Assignment: The lines from the start of the records through the one containing "doc.linetypes.add('DASHED', pattern=[0.75, 0.5, -0.25])" are to be restated word for word; please include both ends.

Records contained in a dataset:

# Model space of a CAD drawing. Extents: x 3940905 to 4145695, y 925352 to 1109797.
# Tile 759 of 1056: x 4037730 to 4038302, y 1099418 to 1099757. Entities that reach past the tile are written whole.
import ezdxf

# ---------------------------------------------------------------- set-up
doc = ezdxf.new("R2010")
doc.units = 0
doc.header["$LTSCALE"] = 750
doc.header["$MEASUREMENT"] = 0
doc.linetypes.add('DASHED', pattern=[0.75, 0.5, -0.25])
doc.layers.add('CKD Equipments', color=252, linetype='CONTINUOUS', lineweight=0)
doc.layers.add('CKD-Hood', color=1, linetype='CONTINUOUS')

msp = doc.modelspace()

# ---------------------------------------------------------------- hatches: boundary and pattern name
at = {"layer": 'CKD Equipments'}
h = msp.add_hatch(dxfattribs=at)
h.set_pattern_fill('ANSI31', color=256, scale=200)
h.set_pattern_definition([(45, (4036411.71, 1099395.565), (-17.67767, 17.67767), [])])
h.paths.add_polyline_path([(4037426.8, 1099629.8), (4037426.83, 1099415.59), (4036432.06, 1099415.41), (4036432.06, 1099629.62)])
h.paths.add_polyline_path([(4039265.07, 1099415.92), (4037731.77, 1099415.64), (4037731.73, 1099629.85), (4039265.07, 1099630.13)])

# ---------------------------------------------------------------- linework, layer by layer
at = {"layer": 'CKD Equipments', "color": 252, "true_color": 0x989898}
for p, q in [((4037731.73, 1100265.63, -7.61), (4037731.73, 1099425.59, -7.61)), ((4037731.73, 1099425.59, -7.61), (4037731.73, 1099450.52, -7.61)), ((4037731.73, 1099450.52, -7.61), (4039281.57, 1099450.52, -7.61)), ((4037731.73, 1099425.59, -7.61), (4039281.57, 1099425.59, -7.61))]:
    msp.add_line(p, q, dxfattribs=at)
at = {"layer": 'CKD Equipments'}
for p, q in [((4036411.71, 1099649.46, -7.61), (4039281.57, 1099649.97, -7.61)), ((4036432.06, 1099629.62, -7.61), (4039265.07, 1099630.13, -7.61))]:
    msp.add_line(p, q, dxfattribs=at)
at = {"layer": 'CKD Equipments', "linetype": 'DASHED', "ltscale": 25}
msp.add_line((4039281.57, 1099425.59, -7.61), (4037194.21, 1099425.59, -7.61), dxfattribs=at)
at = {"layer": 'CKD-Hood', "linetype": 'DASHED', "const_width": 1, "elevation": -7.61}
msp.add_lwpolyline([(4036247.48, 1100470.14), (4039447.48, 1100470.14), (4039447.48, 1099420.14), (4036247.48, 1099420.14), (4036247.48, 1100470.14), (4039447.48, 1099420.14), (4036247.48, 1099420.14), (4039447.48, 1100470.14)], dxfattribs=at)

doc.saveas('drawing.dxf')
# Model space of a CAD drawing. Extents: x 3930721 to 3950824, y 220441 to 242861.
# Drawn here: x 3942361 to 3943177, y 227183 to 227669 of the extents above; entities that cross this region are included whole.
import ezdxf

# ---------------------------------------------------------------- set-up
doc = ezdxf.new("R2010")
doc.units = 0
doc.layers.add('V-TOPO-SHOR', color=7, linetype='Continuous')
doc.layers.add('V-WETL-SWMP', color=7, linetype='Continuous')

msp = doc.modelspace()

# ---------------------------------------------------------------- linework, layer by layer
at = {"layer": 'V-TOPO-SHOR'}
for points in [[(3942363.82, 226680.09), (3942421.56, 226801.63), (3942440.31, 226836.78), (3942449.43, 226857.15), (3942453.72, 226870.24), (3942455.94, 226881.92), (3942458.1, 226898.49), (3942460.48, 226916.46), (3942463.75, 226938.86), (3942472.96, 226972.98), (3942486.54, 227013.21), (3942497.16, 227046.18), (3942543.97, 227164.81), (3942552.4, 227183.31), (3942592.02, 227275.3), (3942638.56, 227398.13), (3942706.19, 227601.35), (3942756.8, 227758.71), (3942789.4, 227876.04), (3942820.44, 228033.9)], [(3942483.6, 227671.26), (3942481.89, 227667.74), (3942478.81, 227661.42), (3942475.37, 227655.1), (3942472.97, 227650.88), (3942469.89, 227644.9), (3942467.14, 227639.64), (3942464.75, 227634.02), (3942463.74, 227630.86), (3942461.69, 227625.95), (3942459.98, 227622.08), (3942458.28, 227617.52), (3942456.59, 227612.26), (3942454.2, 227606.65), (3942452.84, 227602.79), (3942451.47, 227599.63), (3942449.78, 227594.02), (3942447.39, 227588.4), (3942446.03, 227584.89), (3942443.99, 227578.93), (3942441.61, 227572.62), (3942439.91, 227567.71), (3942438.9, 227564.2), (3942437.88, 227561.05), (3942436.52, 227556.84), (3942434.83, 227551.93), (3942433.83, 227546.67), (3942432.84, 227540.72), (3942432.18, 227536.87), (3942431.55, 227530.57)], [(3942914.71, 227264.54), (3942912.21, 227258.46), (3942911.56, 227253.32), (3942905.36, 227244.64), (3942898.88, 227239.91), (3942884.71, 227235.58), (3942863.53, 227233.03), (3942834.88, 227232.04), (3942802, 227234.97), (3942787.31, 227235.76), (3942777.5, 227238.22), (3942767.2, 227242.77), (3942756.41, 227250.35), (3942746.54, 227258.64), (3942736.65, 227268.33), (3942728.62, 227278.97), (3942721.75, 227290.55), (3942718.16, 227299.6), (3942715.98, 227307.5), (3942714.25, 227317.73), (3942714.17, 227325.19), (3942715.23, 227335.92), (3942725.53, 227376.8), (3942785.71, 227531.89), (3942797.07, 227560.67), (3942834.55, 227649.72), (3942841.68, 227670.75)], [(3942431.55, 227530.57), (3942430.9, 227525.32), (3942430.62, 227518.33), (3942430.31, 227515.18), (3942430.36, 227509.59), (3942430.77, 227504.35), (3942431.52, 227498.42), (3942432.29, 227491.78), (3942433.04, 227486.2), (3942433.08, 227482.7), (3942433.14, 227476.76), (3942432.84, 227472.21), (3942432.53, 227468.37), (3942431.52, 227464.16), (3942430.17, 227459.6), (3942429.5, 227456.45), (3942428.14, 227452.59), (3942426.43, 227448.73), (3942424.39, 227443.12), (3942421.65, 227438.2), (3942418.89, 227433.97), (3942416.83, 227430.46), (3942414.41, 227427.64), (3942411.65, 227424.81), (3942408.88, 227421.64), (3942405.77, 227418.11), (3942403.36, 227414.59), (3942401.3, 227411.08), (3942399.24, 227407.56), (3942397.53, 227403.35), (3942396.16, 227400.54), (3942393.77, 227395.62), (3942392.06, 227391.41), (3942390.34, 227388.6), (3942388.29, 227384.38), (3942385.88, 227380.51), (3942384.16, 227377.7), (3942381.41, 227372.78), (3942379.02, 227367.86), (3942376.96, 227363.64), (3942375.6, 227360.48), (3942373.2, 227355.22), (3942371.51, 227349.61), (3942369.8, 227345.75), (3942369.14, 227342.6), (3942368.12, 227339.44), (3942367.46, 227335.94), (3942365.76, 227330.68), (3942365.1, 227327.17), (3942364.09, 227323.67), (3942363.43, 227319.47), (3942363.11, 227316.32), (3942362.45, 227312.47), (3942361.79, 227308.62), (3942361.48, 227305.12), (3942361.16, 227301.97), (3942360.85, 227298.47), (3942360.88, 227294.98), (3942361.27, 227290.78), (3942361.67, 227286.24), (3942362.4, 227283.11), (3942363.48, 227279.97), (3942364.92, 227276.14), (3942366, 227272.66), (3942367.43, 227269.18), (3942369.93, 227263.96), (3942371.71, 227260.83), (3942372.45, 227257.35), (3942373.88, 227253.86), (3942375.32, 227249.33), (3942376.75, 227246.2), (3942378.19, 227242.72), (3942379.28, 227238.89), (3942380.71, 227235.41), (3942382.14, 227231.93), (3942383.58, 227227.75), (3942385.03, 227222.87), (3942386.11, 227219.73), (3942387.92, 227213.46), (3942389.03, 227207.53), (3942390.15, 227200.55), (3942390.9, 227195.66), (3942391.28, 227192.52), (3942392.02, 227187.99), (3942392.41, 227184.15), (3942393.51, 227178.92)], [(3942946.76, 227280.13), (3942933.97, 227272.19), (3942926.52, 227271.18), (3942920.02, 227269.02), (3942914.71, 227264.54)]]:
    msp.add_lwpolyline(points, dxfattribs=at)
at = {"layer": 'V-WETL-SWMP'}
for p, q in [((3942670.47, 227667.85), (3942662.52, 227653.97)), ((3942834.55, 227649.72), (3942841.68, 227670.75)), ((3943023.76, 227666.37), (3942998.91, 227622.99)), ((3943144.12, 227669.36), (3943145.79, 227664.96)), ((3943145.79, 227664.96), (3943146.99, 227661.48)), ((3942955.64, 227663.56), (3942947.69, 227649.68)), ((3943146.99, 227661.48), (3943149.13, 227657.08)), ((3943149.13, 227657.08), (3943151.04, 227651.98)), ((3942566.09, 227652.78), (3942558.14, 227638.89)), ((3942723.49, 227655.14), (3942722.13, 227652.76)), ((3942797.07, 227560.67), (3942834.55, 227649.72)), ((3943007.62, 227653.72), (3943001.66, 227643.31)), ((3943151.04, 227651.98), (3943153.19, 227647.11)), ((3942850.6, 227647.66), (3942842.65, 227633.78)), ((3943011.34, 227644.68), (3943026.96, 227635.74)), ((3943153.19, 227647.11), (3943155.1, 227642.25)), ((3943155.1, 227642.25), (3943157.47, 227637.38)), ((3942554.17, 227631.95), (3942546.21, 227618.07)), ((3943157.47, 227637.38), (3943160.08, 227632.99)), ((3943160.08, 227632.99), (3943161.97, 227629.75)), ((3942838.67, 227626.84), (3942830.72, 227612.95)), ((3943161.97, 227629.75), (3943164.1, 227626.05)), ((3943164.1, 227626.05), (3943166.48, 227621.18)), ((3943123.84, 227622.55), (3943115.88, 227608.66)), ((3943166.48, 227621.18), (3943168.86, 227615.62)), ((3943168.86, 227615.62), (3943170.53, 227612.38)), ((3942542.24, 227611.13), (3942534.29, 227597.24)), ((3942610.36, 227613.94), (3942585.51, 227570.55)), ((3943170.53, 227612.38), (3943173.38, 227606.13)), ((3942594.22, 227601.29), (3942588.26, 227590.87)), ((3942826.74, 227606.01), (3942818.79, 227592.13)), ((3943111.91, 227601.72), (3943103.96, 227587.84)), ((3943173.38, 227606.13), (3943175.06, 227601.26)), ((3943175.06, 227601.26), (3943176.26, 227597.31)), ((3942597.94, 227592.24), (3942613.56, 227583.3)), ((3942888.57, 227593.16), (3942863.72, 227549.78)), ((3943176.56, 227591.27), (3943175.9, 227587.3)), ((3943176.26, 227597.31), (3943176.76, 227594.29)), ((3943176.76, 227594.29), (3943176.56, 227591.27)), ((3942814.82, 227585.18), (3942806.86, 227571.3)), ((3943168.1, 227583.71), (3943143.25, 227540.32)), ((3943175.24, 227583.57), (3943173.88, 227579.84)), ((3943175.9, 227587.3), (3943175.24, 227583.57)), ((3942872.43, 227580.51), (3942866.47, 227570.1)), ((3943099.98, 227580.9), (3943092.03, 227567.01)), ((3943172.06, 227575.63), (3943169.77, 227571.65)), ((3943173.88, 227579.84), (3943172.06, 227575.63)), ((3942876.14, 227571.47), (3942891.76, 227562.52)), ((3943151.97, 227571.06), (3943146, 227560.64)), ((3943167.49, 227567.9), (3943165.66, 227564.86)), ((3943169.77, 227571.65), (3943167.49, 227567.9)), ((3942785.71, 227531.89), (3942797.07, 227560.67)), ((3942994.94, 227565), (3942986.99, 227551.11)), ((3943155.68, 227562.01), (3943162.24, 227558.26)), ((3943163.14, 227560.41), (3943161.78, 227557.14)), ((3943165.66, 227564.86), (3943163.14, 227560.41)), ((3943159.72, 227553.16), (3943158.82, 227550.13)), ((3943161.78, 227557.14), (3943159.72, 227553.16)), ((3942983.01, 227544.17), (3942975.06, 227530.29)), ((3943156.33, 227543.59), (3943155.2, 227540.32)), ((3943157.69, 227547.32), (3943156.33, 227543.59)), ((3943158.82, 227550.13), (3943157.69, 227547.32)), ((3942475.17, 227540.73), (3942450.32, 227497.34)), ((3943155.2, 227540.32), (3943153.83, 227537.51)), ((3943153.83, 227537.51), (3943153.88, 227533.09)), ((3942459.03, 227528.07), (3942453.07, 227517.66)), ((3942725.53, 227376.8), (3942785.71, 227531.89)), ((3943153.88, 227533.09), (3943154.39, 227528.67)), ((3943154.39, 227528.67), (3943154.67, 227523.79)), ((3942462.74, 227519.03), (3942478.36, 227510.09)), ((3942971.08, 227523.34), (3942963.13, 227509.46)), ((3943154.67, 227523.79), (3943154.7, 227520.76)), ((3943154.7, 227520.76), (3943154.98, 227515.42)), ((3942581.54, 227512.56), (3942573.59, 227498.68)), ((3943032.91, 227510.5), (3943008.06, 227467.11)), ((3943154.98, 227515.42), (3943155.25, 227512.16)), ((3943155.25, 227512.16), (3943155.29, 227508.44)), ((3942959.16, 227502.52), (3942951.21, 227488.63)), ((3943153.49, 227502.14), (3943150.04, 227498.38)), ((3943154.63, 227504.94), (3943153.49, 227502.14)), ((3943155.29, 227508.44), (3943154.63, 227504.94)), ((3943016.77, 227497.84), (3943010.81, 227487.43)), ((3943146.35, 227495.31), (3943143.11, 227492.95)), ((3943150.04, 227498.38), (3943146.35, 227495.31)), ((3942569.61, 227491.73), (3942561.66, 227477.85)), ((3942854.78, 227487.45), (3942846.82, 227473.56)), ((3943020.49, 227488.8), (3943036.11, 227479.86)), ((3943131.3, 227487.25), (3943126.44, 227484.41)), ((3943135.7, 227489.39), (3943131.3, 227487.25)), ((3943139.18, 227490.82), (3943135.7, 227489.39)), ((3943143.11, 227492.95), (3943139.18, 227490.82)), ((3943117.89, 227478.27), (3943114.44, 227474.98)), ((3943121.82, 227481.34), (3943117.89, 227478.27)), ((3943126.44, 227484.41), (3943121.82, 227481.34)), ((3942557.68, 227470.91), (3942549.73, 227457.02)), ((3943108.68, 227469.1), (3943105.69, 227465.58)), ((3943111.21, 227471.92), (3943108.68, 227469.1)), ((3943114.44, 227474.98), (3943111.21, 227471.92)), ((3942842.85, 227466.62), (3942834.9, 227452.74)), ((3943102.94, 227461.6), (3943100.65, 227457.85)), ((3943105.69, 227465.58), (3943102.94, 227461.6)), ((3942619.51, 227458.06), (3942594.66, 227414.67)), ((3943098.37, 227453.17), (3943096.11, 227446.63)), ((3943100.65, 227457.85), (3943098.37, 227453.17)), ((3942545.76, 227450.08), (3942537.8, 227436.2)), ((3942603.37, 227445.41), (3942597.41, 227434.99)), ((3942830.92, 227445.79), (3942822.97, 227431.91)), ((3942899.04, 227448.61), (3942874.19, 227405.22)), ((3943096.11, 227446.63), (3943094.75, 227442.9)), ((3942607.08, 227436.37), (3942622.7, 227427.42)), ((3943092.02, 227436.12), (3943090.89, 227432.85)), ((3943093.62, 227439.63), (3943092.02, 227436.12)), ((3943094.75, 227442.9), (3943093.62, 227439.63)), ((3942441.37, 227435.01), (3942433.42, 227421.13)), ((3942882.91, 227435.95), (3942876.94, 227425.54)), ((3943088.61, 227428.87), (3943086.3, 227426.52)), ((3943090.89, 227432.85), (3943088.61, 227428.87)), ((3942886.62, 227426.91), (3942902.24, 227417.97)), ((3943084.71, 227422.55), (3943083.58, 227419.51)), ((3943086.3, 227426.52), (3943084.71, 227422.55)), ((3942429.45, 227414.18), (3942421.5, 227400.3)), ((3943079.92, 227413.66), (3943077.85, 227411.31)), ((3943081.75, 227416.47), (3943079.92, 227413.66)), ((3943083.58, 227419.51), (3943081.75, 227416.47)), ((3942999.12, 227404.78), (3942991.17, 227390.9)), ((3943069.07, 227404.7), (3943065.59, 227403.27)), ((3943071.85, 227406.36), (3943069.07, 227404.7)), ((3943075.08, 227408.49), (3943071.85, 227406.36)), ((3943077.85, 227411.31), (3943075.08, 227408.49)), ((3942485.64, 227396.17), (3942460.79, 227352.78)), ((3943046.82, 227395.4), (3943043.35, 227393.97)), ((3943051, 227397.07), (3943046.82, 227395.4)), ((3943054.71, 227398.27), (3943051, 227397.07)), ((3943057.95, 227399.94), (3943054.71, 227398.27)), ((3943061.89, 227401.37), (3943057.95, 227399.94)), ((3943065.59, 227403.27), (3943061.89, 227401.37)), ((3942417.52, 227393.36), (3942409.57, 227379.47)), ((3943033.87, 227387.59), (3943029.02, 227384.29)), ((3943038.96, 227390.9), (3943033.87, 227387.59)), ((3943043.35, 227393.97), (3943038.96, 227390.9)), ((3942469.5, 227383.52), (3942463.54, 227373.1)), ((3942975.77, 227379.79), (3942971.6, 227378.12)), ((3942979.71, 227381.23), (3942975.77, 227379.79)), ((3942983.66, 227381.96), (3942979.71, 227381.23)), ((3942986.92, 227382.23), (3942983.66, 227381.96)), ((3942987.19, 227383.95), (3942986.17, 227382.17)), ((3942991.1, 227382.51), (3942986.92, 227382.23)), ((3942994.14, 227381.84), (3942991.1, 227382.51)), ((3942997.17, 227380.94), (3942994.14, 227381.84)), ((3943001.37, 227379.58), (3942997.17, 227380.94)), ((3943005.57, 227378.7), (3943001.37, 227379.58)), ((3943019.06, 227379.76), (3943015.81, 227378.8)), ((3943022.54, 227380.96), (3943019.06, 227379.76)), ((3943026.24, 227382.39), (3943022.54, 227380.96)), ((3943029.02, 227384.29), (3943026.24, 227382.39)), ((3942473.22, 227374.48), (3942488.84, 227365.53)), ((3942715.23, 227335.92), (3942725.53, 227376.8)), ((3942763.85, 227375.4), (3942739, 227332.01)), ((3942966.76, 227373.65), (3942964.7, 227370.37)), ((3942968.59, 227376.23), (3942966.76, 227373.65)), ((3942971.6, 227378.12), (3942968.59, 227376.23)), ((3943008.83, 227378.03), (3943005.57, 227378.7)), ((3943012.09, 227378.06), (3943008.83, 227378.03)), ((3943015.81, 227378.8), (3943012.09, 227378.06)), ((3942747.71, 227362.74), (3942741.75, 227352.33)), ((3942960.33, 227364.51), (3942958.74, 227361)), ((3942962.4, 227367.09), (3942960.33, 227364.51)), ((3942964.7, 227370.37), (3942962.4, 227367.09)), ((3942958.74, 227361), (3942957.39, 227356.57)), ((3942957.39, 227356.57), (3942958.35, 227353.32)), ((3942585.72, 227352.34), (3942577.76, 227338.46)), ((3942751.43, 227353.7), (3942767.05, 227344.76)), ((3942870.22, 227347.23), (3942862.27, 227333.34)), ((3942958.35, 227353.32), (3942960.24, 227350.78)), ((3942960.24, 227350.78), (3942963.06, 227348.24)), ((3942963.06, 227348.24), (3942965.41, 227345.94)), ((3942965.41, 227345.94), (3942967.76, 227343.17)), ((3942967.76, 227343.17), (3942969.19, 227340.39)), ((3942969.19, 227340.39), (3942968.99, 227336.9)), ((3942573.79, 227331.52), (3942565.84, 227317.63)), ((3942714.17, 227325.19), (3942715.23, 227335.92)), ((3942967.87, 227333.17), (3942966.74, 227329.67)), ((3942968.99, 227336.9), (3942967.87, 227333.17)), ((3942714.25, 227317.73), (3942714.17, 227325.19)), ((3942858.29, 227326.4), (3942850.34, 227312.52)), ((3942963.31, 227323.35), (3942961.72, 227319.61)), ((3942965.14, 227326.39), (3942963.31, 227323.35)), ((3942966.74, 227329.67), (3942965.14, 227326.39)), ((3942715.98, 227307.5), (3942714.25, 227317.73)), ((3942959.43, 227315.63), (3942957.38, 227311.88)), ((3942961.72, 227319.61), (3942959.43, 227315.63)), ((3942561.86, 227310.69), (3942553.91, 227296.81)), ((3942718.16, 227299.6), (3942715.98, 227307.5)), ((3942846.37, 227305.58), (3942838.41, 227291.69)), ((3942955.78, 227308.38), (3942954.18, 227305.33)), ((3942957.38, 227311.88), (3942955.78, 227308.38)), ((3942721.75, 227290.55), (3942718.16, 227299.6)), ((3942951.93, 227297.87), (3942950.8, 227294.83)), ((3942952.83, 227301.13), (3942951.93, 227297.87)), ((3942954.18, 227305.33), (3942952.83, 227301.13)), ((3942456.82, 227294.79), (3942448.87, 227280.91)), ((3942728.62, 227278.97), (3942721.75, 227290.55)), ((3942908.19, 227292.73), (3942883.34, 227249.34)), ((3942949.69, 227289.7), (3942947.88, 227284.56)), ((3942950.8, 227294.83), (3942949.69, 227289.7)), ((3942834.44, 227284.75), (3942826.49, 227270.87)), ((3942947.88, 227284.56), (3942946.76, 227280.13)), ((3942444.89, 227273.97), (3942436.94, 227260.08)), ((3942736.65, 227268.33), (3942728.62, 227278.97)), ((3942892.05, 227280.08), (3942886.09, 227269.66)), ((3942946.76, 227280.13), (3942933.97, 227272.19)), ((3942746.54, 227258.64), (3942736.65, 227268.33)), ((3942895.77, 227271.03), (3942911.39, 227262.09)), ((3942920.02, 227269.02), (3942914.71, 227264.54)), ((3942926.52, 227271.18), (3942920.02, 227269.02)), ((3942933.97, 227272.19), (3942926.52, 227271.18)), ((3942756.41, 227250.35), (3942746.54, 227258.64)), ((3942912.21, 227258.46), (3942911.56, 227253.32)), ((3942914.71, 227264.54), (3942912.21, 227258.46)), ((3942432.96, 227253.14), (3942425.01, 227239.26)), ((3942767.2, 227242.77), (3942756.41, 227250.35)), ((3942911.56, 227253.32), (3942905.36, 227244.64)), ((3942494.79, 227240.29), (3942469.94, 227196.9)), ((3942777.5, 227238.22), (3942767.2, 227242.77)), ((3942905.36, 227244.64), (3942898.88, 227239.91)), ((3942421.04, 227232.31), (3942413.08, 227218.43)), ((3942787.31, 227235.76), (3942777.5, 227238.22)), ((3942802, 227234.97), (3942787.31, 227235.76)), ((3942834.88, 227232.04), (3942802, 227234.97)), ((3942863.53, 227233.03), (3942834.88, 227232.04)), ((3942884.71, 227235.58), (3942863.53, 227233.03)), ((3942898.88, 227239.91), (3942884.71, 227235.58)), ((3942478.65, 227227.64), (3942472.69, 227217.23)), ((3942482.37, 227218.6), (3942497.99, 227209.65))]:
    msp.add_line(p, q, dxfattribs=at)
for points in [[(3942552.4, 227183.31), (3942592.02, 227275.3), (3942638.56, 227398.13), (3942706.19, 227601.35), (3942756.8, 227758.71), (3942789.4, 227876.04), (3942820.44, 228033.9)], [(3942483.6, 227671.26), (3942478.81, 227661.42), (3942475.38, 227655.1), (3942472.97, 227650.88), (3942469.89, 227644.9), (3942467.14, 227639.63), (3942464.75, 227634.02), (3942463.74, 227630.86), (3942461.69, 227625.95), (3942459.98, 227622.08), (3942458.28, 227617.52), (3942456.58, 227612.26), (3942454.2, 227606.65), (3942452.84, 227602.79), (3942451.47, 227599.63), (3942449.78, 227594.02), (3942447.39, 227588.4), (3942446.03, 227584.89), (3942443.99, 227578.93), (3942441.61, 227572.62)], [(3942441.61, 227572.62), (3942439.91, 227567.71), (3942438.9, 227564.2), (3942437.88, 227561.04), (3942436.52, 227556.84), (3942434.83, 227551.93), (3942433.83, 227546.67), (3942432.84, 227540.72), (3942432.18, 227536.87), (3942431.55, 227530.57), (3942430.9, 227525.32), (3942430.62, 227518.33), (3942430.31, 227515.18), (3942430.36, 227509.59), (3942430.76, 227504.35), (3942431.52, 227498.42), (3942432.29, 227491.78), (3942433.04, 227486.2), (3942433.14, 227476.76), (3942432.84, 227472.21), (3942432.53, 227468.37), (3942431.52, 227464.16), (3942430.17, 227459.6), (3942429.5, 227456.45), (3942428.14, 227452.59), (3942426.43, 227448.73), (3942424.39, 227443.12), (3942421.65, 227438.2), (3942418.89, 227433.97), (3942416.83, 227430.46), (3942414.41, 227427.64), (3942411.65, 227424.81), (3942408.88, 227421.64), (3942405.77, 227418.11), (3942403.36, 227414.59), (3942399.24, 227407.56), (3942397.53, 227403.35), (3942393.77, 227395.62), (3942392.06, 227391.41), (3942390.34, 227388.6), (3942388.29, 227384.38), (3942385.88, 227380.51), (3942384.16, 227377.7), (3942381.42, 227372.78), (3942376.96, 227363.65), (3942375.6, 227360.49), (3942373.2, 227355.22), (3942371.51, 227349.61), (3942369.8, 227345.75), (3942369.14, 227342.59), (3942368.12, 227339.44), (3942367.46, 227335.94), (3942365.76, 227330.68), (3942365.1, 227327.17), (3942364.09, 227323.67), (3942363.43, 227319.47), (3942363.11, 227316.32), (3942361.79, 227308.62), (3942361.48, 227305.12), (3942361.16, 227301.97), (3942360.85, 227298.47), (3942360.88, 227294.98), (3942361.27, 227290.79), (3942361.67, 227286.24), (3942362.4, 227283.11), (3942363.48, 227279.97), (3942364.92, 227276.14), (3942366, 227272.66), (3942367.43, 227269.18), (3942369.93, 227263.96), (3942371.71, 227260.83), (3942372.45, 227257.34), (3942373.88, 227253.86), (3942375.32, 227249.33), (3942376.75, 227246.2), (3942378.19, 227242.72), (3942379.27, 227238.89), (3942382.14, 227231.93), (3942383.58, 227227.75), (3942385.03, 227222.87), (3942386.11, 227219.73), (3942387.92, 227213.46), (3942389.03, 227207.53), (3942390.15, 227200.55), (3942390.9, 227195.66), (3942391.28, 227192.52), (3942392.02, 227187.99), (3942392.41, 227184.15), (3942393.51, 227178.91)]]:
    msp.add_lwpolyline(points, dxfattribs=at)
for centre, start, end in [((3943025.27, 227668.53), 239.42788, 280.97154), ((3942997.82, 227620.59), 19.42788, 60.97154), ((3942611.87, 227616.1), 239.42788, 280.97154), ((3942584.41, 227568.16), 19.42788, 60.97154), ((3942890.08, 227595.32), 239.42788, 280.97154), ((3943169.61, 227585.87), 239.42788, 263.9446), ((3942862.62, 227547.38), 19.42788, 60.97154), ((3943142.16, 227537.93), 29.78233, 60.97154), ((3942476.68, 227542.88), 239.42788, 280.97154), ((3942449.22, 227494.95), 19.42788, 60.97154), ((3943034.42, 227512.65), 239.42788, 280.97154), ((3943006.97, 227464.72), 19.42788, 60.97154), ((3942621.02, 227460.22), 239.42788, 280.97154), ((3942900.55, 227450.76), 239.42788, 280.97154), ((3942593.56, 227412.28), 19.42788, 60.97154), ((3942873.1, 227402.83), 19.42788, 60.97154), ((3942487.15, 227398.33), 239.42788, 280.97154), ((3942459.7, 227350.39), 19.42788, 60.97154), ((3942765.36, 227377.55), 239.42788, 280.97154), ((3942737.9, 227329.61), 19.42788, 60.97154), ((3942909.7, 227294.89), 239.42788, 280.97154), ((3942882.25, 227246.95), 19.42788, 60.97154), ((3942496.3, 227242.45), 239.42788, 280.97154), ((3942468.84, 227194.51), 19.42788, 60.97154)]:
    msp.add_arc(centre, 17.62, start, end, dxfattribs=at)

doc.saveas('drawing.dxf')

Exercise answer:
# Model space of a CAD drawing. Extents: x 3940905 to 4145695, y 925352 to 1109797.
# Tile 759 of 1056: x 4037730 to 4038302, y 1099418 to 1099757. Entities that reach past the tile are written whole.
import ezdxf

# ---------------------------------------------------------------- set-up
doc = ezdxf.new("R2010")
doc.units = 0
doc.header["$LTSCALE"] = 750
doc.header["$MEASUREMENT"] = 0
doc.linetypes.add('DASHED', pattern=[0.75, 0.5, -0.25])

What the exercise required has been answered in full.